Итак, методика была старая, а вот математика — куда совершеннее. Гринблат говорил, что наша математика совершеннее, потому что она не надеется на всесилие электронно-счетных машин.

И вот они дописали выводы нескольких месяцев работы. Нет, по условиям игры они расплывчато докладывали результаты напрямую Папе, и он уже догадался, что выводы будут нерядовыми.

Перед тем как отдать отчет, они поругались снова.

Гринблат снял очки и сказал:

— У нас есть шанс преобразовать страну.

Фролов видел, что эта фраза далась ему с трудом.

— У нас есть шанс преобразить мир. Это шанс на коммунизм.

Бажанов раздраженно махнул рукой:

— Шанс! Это объективное развитие. Половину времени я трачу на совещаниях на то, чтобы отмазать нас от обвинений в субъективизме. Роль личности в истории, Плеханов и все такое.

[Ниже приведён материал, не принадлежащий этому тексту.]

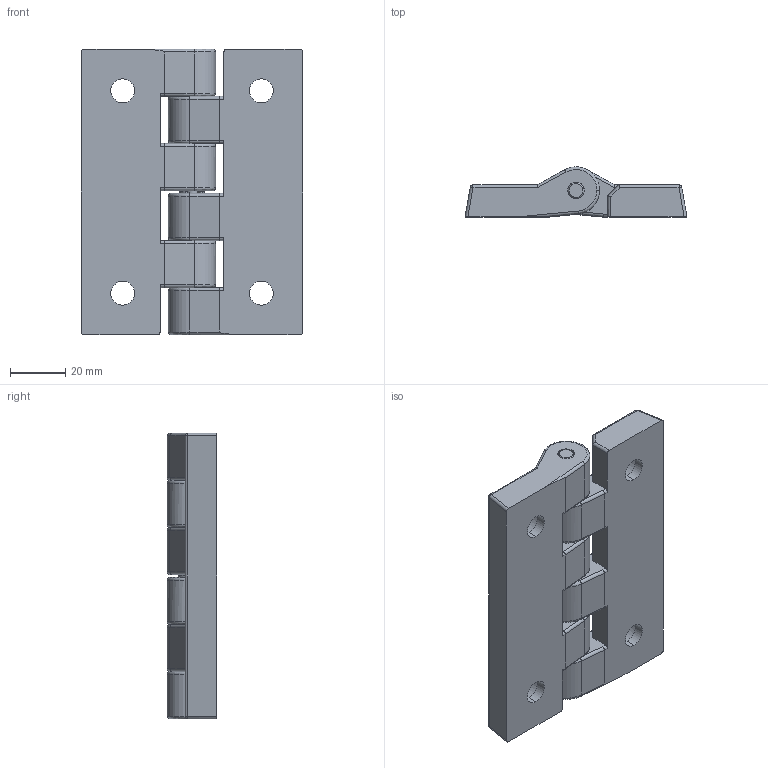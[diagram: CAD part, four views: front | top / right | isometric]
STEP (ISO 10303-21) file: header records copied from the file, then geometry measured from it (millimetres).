
FILE_DESCRIPTION (( 'STEP AP203' ), '1' );
FILE_NAME ('B57 KH-P23.STEP', '2010-10-11T05:41:26', ( ' ' ), ( '' ), 'SwSTEP 2.0', 'SolidWorks 2010', '' );
FILE_SCHEMA (( 'CONFIG_CONTROL_DESIGN' ));
Length unit declared in the file: millimetre
Products named in the file (4): B57 KH-P23; E rings GB_GB_CONNECTING_PIECE_RINGS_HR 4; H022-02-001; H022-02-002
Assembly tree (4 placements, depth 2):
  B57 KH-P23
    E rings GB_GB_CONNECTING_PIECE_RINGS_HR 4
    H022-02-001  x2
    H022-02-002
Bounding box: 80 x 18 x 103 mm (x, y, z)
Volume: 88660.4 mm3; surface area: 29320.3 mm2
Topology: 4 solids, 4 shells, 206 faces, 514 edges, 318 vertices
Faces by surface type: cylinder 118, plane 60, bspline 24, cone 4
Entity records: 4351 total; most frequent: CARTESIAN_POINT 1056, DIRECTION 614, ORIENTED_EDGE 602, EDGE_CURVE 301, AXIS2_PLACEMENT_3D 231, VERTEX_POINT 189, VECTOR 152, LINE 152

Гринблат, не слушая, продолжал:

— У нас два пути — либо жить путем приписок, потому что у нас есть неожиданное богатство. Нам подвалило наследство — оно состоит из древних лесов. Мы можем проматывать его год за годом, спиваясь, как капиталисты и помещики.

Фролов хотел напомнить ему, что отечественные капиталисты были из старообрядцев-трезвенников, но не стал — по сути-то Гринблат был прав.

— И есть второй путь — путь интенсивного развития. Система должна состоять из малых самоорганизующихся единиц. Вирусы сильнее мамонта.

Мы можем затормозить один сегмент и за это время восстановить мелкие блоки развития. Через десять лет мы будем продавать мертвый лес юрского периода, точно так же, как раньше продавали необработанный лес за границу.

Гринблат знал, о чем говорил, — его отец семнадцать лет подряд валил лес на Севере. И национальное богатство за эти семнадцать лет сделало из инженера Гринблата, что на спор передвигал полутонный трансформатор, из весельчака и балагура — тень.

Тень отца, вернувшегося с Севера, жила за шкафом, и Гринблат слышал, как он приподнимается с кровати, когда среди ночи во двор заезжает такси.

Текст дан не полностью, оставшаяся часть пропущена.